典型的不问不知道。纪欢一笑:“让小江穿睡衣就好了,方便师傅量尺寸,我会做一个成衣图集让人带过去给他。”
傅聿则说好。
纪欢打算挂电话,被一直安静倾听的傅淮声搂了下腰,无奈之际抓住丈夫不安分的手,对弟弟表示关心:“……聿则,你和小江是在一起的状态吗?”
傅聿则毫不避讳地承认自己魅力不够:“没有,宁宁年纪太小,我还在追求他。”
那头——
傅淮声扬眉啧一句,说小老弟不堪大用,低头亲了口宝贝儿子,“你小叔这个铁树花还不知道开不开得出来。”
“唔?”星星张开圆圆的手指头,“小呼开花?”
纪欢有轻有重地敲打教育了父子俩,回说:“只是问问,之后我说话的时候会注意分寸,你也早点休息。”
“还有一件事。”
傅聿则抬起手指一扣,关闭了车内灯,“我和家里坦白取向这件事跟宁宁没有关系,明晚如果爸妈问起,我会说,你们不用刻意替我打掩护。”
纪欢还不知道什么情况。
傅淮声爱怜地呼噜儿子头顶几根毛,充当讲解人:“他明晚回家吃饭。再不回爸妈要杀到榭庭了,他那还没追到手的小男朋友被迫暴露怎么办。”
傅聿则并不反驳亲哥:“挂了。”
……
第二天江霁宁起晚了。
白天干活儿两小时,夜里安睡一整晚。
欣慰的是榭庭规矩不多,鹿叔不上二楼,陶姨更是纵容他睡个饱。
贪睡一连睡到了八点半。
江霁宁有些懵,差点分不清何时何地,洗漱后一头钻进了走廊暗门,从二楼书架搜刮了几本读物。
门咔哒一声被从外面打开,陶姨说:“在这儿呢。”
江霁宁发丝半挽,从捧着的书里抬起头,放下刚学会用的记号笔。
门大开。
庭院里传来了说话声。
“外头有客来拜访?”
江霁宁边说边围上宽大的披肩。
和毯子似的,能将他整个人挡住三分之二,他不出门就爱如此。
“是啊。”陶姨上前检查他的药膏情况,“看一看还痒不痒了?”
“无事了。”
江霁宁冲她一笑。
继续啃一本新白话文小说故事。
陶姨帮他擦去旧的,围着脖沿和手腕易摩擦的地方上了一圈水性药膏,白白的,就像纱布一般轻轻柔柔止住了他的不适。
江霁宁又吃了些东西。
陶姨收拾好过来和他说:“去客厅吧小宁,今天有师傅上门来给你量尺寸。”
江霁宁抬起头,“做新衣裳吗?”
陶姨给足了他期待:“是呀,师傅们带来的图集都特别好看,挑都挑不过来呢。”
江霁宁出门之前问了一句:“是男是女?”
陶姨说:“都是女性。”
真好!江霁宁加快脚步穿过茶室和长廊,拐过角,拉开客厅双开门,空调凉气和檀木香一齐涌来,沁人心脾。
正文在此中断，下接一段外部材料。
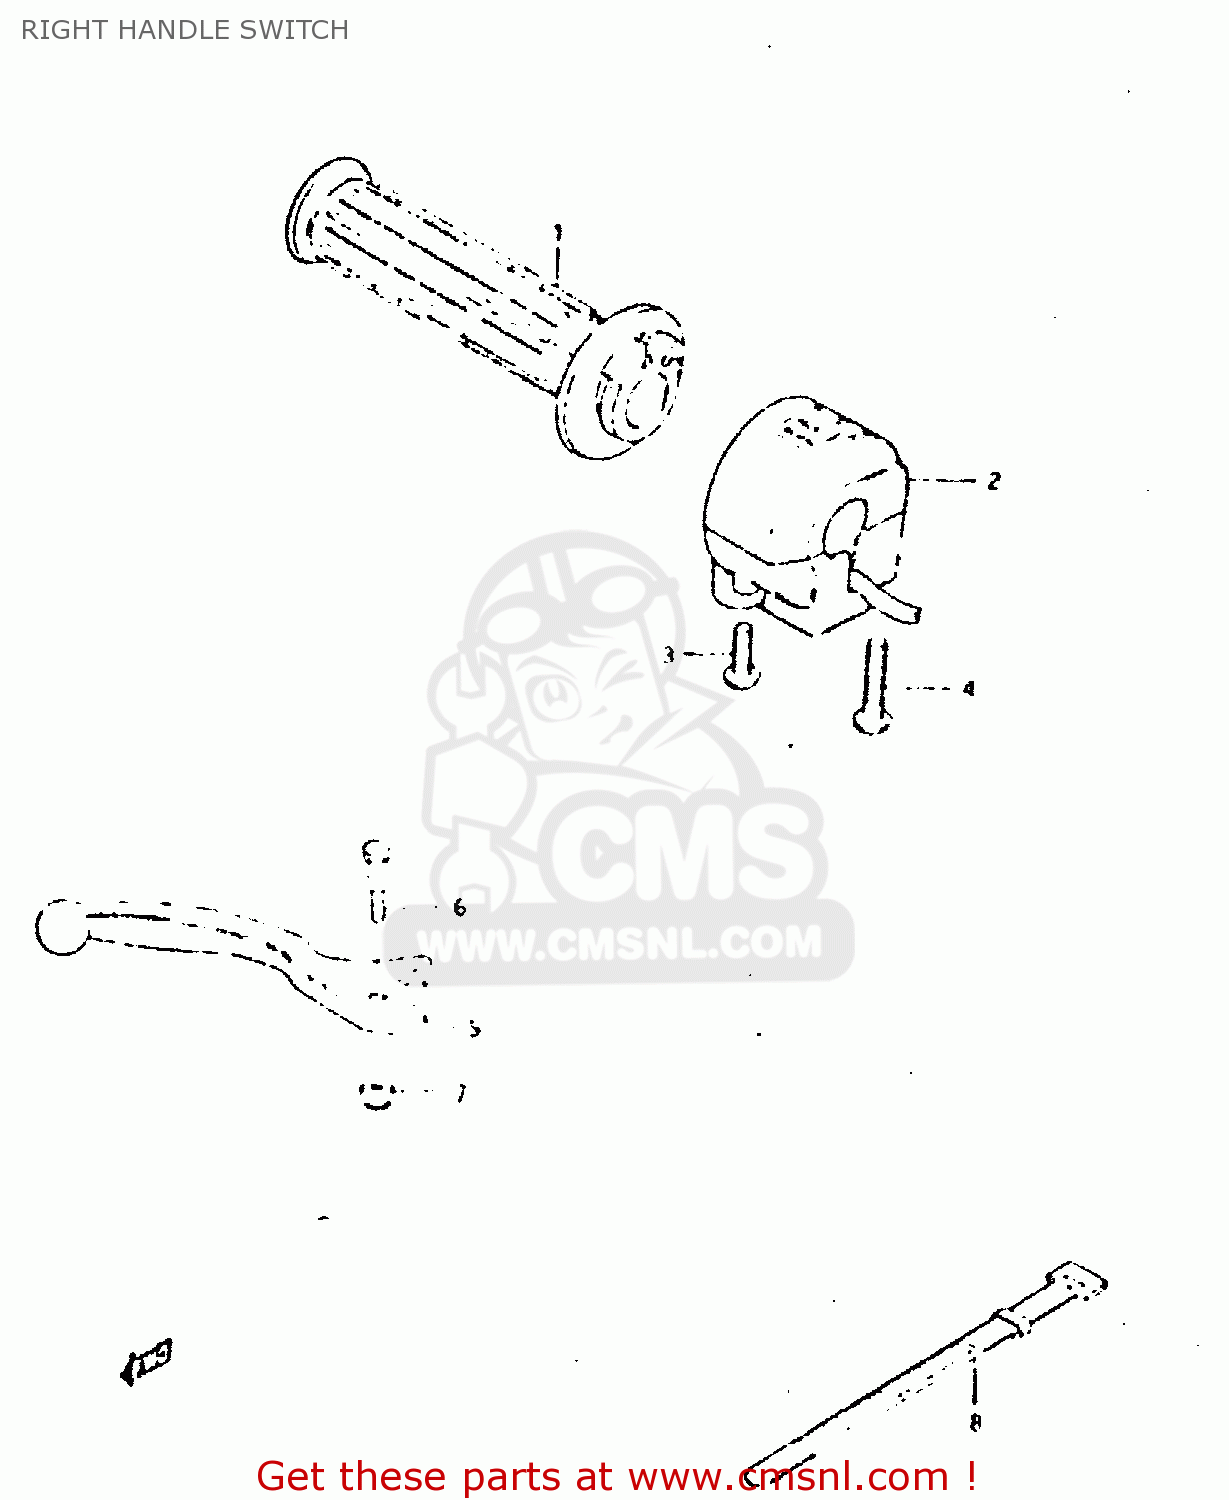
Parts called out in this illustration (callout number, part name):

他亮晶晶的眸子对上几人视线,见主位是谁后,立刻蔫了下来——
傅聿则怎么没去上班!
江霁宁把自己往门后藏,即刻准备逃走,他可还穿着一身睡衣,如此衣衫不整……上回他在边嘉呈家中差些跌倒被抱住,就很失礼了。
哪知傅聿则还很没有眼力见儿地喊住了他:“穿少一点正好不用脱了。”
江霁宁吓呆在原地。
他,他在说什么啊……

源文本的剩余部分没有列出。